# PID digital con pic



## Electonano (Jul 15, 2006)

Hola , lo que pasa es que necesito implementar un PID digital con un microcontrolador, ojala un pic de microchip si alguien sabe de algun link o información que me puedan ayudar les agradezco...


----------



## maunix (Jul 16, 2006)

Electonano dijo:
			
		

> Hola , lo que pasa es que necesito implementar un PID digital con un microcontrolador, ojala un pic de microchip si alguien sabe de algun link o información que me puedan ayudar les agradezco...



En las application notes de Microchip.

He aquí estas.


*AN937 - Implementing a PID Controller Using a PIC18 MCU*
http://www.microchip.com/stellent/idcplg?IdcService=SS_GET_PAGE&nodeId=1824&appnote=en020434

AN964 - Software PID Control of an Inverted Pendulum Using the PIC16F684
http://www.microchip.com/stellent/idcplg?IdcService=SS_GET_PAGE&nodeId=1824&appnote=en021807

Espero te sean de utilidad

De todas formas lo más complicado de un PID, no es la codificación sino el saber como armar el PID y los cálculos lo cual es independiente de la plataforma en que lo hagas (Microcontrolador, Operacionales, DSP, etc.).



Saludos


----------



## Electonano (Jul 17, 2006)

hola mauricio, gracias por los links, los he estado leyendo y si me sirven, me han sido de mucha utilidad, gracias por tu colaboracion


----------



## maunix (Jul 17, 2006)

Electonano dijo:
			
		

> hola mauricio, gracias por los links, los he estado leyendo y si me sirven, me han sido de mucha utilidad, gracias por tu colaboracion



De nada, me alegro que te haya servido.

Saludos


----------



## sendag (Ago 16, 2006)

Supongo que lo de contactar por privado iba por mi, ruego me disculpen, soy nuevo.


----------



## maunix (Sep 5, 2006)

sendag dijo:
			
		

> Supongo que lo de contactar por privado iba por mi, ruego me disculpen, soy nuevo.



No, no iba por tí.  Es mi firma por defecto.  La uso así para evitar que me contacten en privado y se desvirtúe el espíritu de los foros que es dejar plasmada la información en ellos para que no ocurran una y otra vez las mismas preguntas

Saludos


----------



## raul marquez (Oct 4, 2007)

A ver quien me puede ayudar con algo sobre pid con pic, pero que este programado en asembler, lo que pasa es que estoy automatizando una incubadora neonatal y necesito controlar variables como temperatura , nivel de ruido, saturacion de co2 y humedad relativa.
gracias, cualquier ayuda me sera muy util.


----------



## maunix (Oct 4, 2007)

raul marquez dijo:
			
		

> A ver quien me puede ayudar con algo sobre pid con pic, pero que este programado en asembler, lo que pasa es que estoy automatizando una incubadora neonatal y necesito controlar variables como temperatura , nivel de ruido, saturacion de co2 y humedad relativa.
> gracias, cualquier ayuda me sera muy util.



Pero Raul, hacerlo en assembler? porqué complicársela tanto innecesariamente?
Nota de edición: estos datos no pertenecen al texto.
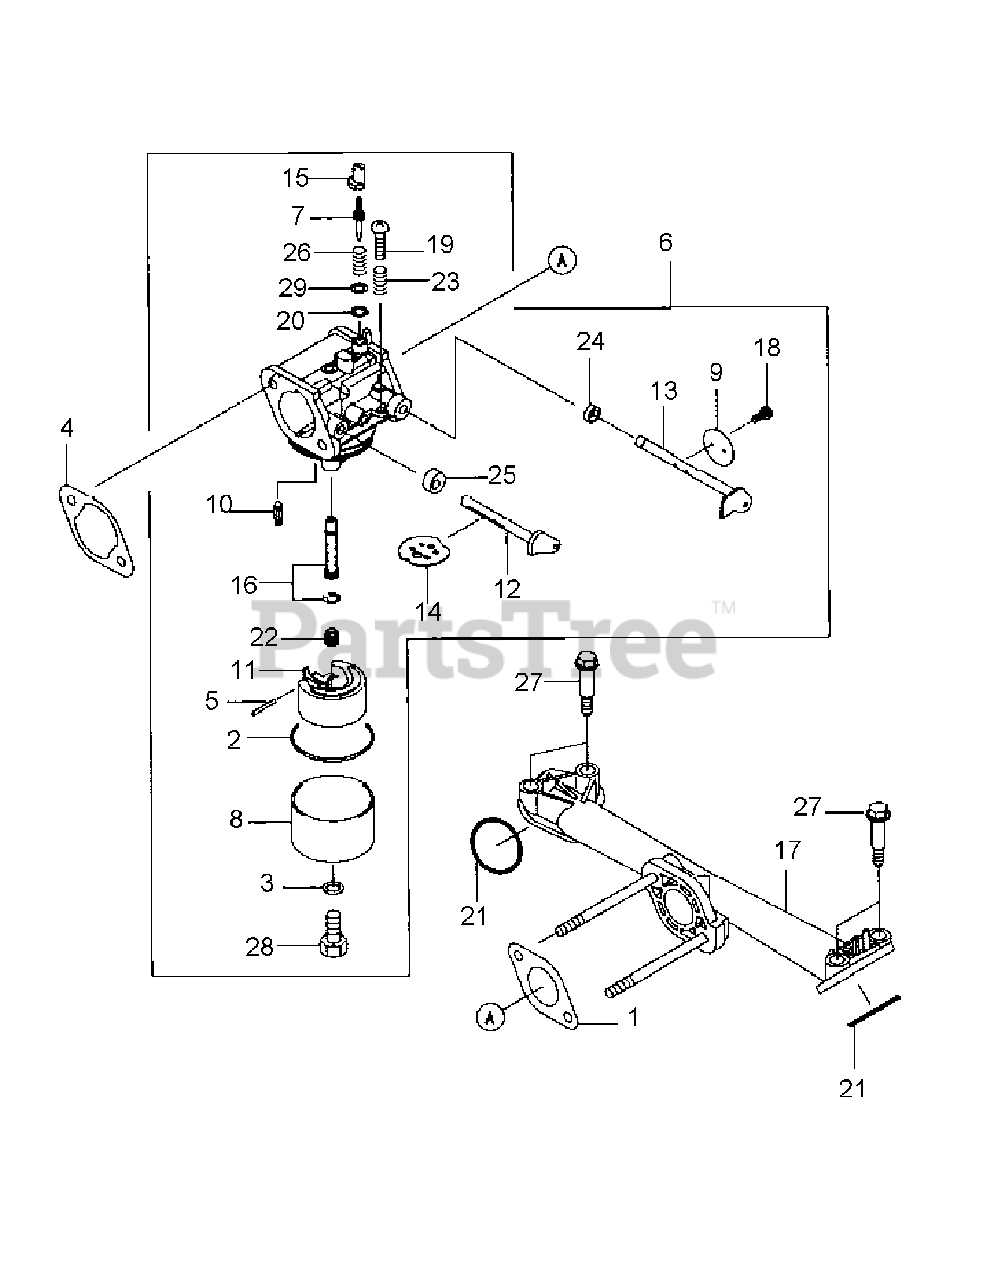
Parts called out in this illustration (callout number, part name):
1	INSULATOR GASKET
2	CHAMBER GASKET
4	AIR CLEANER GASKET
6	CARBURETOR ASSY.
7	PILOT AIR SCREW
9	THROTTLE VALVE
13	THROTTLE SHAFT
14	CHOKE VALVE ASSY.
17	INTAKE MANIFOLD
20	O-RING
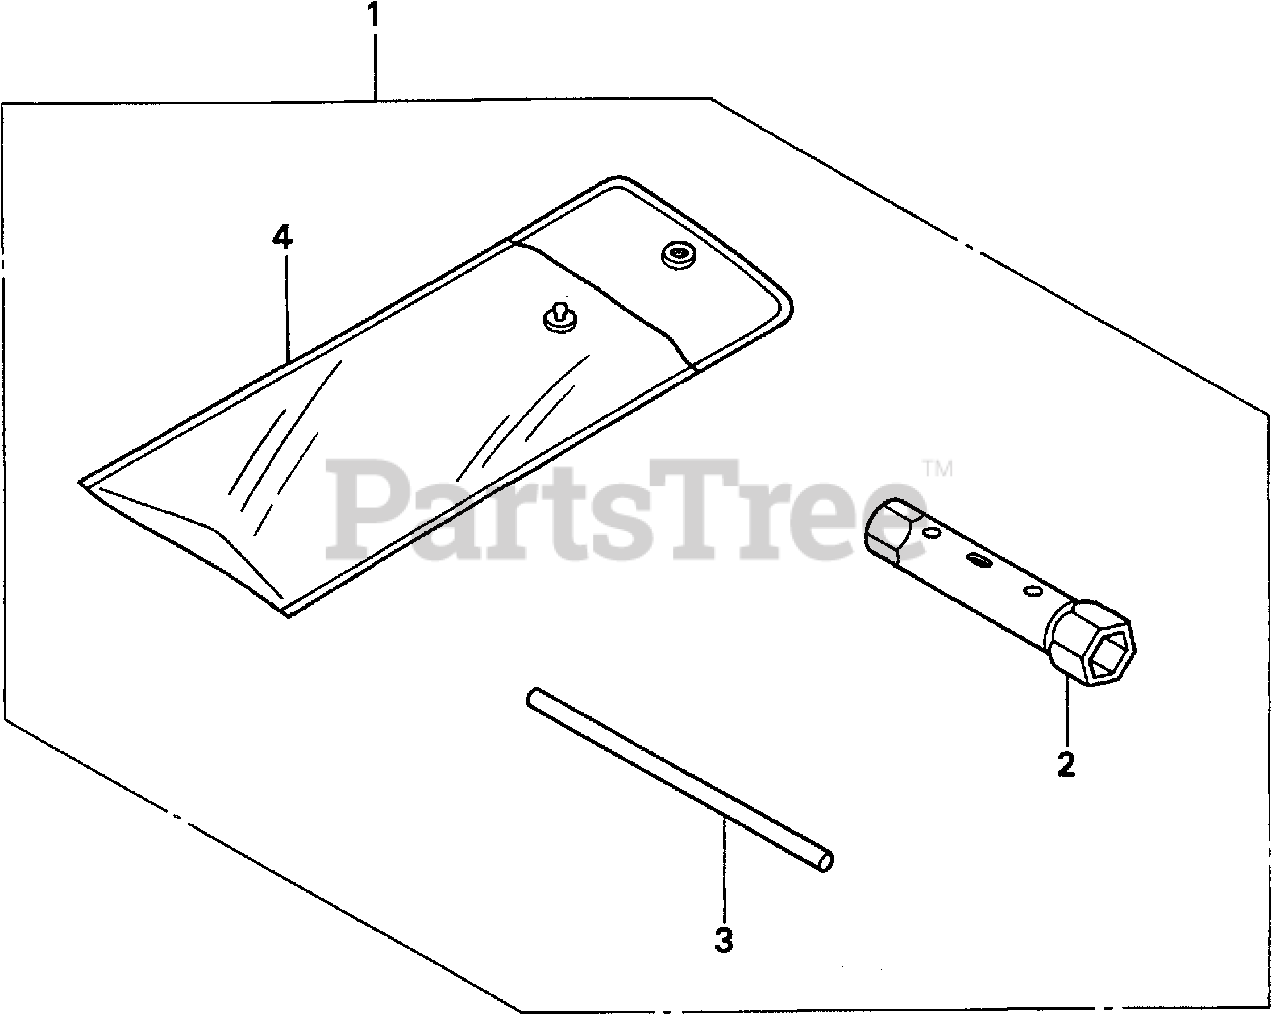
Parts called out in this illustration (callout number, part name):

El tema es que los cálculos matemáticos te van a llevar mucho tiempo! ajustes y demás, yo que tu lo hago en C.


----------



## raul marquez (Oct 5, 2007)

gracias, por tu observacion, la verdad no me inclinanado hacerlo en C porque no programo en ese programa, pero entonces tratare de trabajar por ese lado, aunque cualquier ayuda te agradezco.


----------



## raul marquez (Oct 8, 2007)

amigos estoy haciendo un pid digital, pero no se como cuadrarle los tiempos del Ti y Td, si alguien me puede ayudar con esto, ah con el pid estoy tratando de controlar temperatura, de igual forma tengo problemas con la parte de sintonizacion del pid porque no se como puedo hacer esto.
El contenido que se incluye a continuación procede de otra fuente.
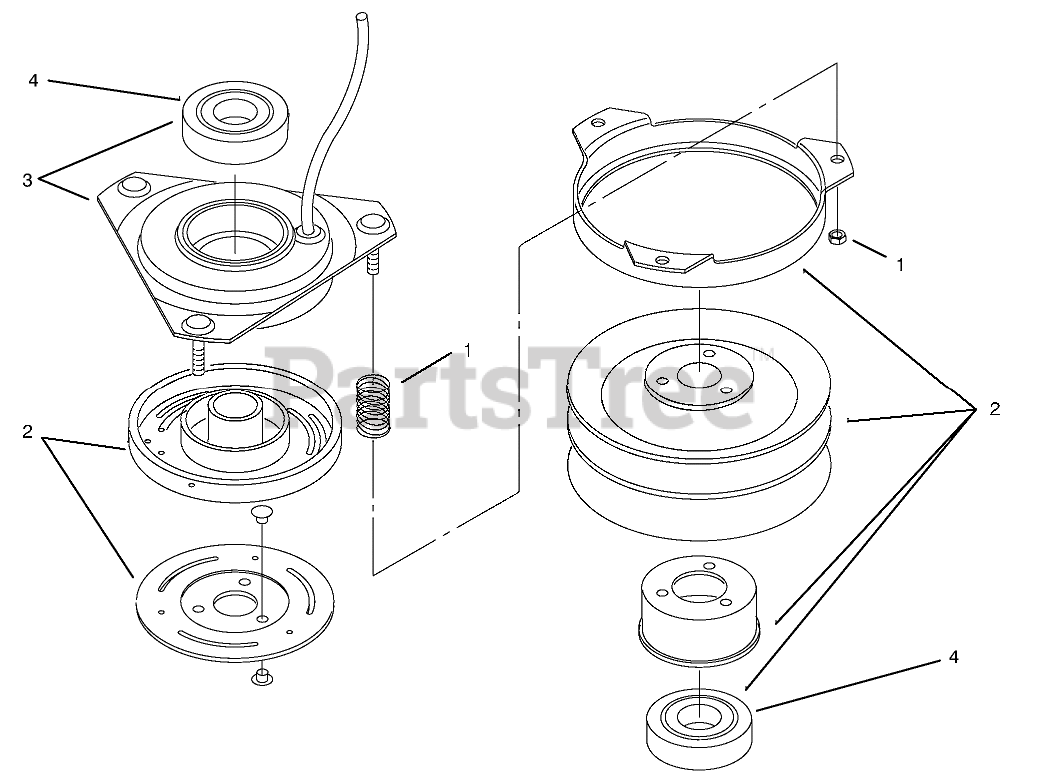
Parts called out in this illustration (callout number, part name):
1	ACCESSORY PKG SRVC PART
2	ASM - ROTOR/ARMATURE
3	FIELD ASSY (SRVC PART)
4	BEARING-ELEC CLUTCH
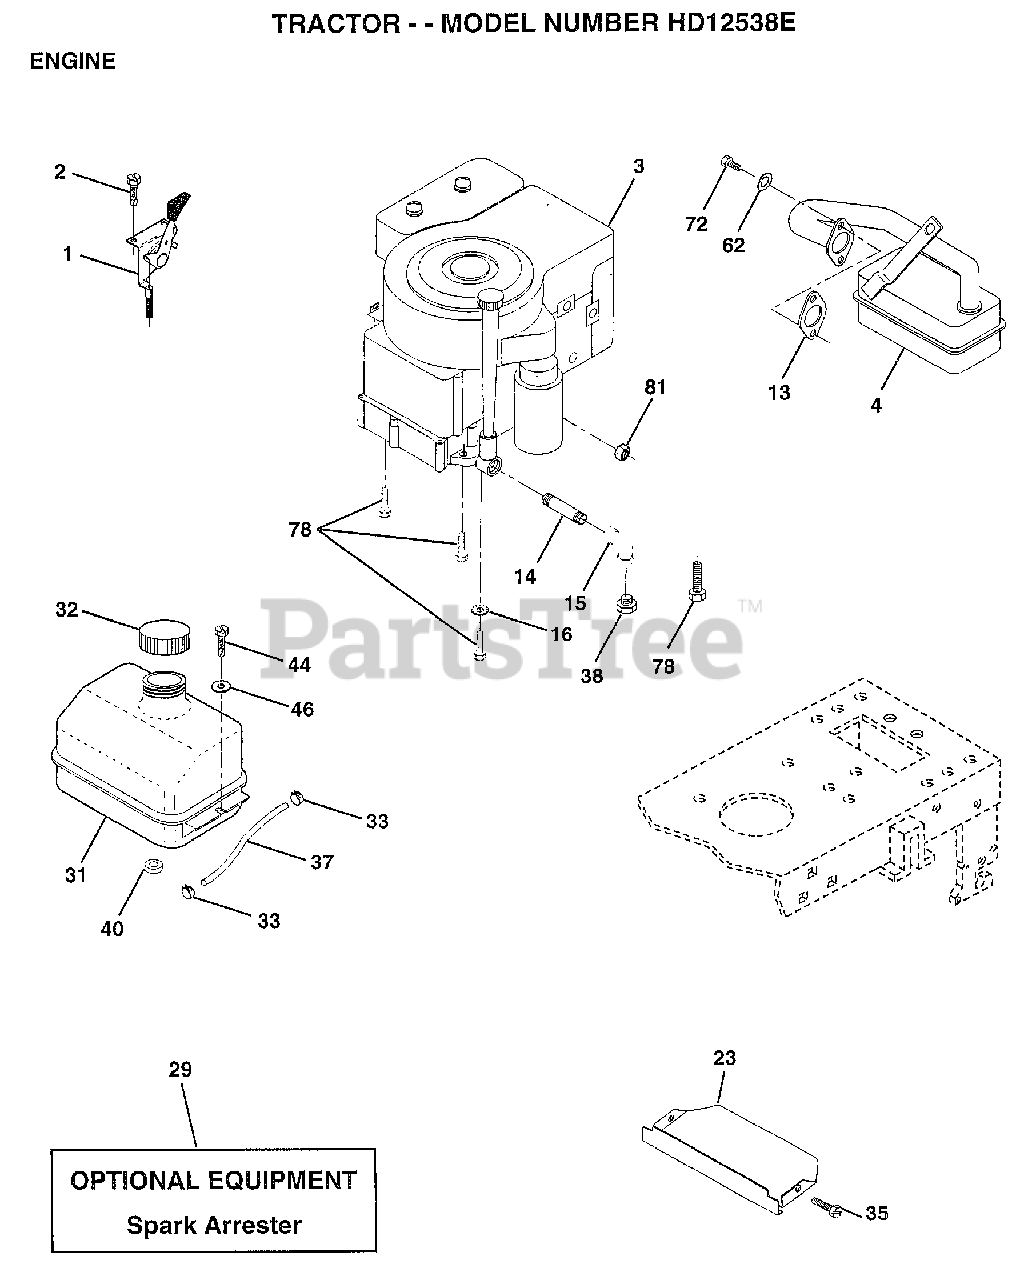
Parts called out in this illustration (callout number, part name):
1	CONTROL THROTTLE
2	SCREW LT
4	MUFFLER
13	GASKET ENG 1 313 LD TIN PLATED
14	PIPE NIPPLE
15	ELBOW
16	LOCKWASHER
23	SHIELD.BRN/DBR.GD
31	TANK.FUEL.LT.
32	CAP ASM FUEL
33	HOSE CLAMP
35	SCREW
37	LINE FUEL
44	SCREW HEX CRT
46	WASHER
62	LOCKWASHER
72	SCREW
78	SCREW
81	NUT

gracias ojala me puedan ayudar


----------



## ELCHAVO (Oct 8, 2007)

tienes que sacar las ecuaciones de la maquina.   

un PID no es tan facil por esa razon. hacer el PID es facil, PERO. cuadrarle sus constantes puede hacerlo llorar a uno.


para que tipo de horno lo haces ?, necesitas mucha precision ?

ayudate con MATLAB.


----------



## raul marquez (Oct 8, 2007)

gracias chavo;

el pid que pretendo implementar es para una incubadora neonatal, pero boy tratar de sacar las ecuaciones a ver que pasa


----------



## Jannibal (Oct 24, 2007)

Tienes que hacer oscilar la incubadora utilizando las variable que tienes, el metodo creo que se llama curva de reaccion hay mucha bibliogafia busca un poco mas. Pero si quieres utilizar un solo PID para controlar todo no puedes recuerda que los PID sirven solo para sistemas SISO (single input single output)


----------



## pirata tgr (Jul 2, 2009)

Jannibal dijo:
			
		

> Tienes que hacer oscilar la incubadora utilizando las variable que tienes, el metodo creo que se llama curva de reaccion hay mucha bibliogafia busca un poco mas. Pero si quieres utilizar un solo PID para controlar todo no puedes recuerda que los PID sirven solo para sistemas SISO (single input single output)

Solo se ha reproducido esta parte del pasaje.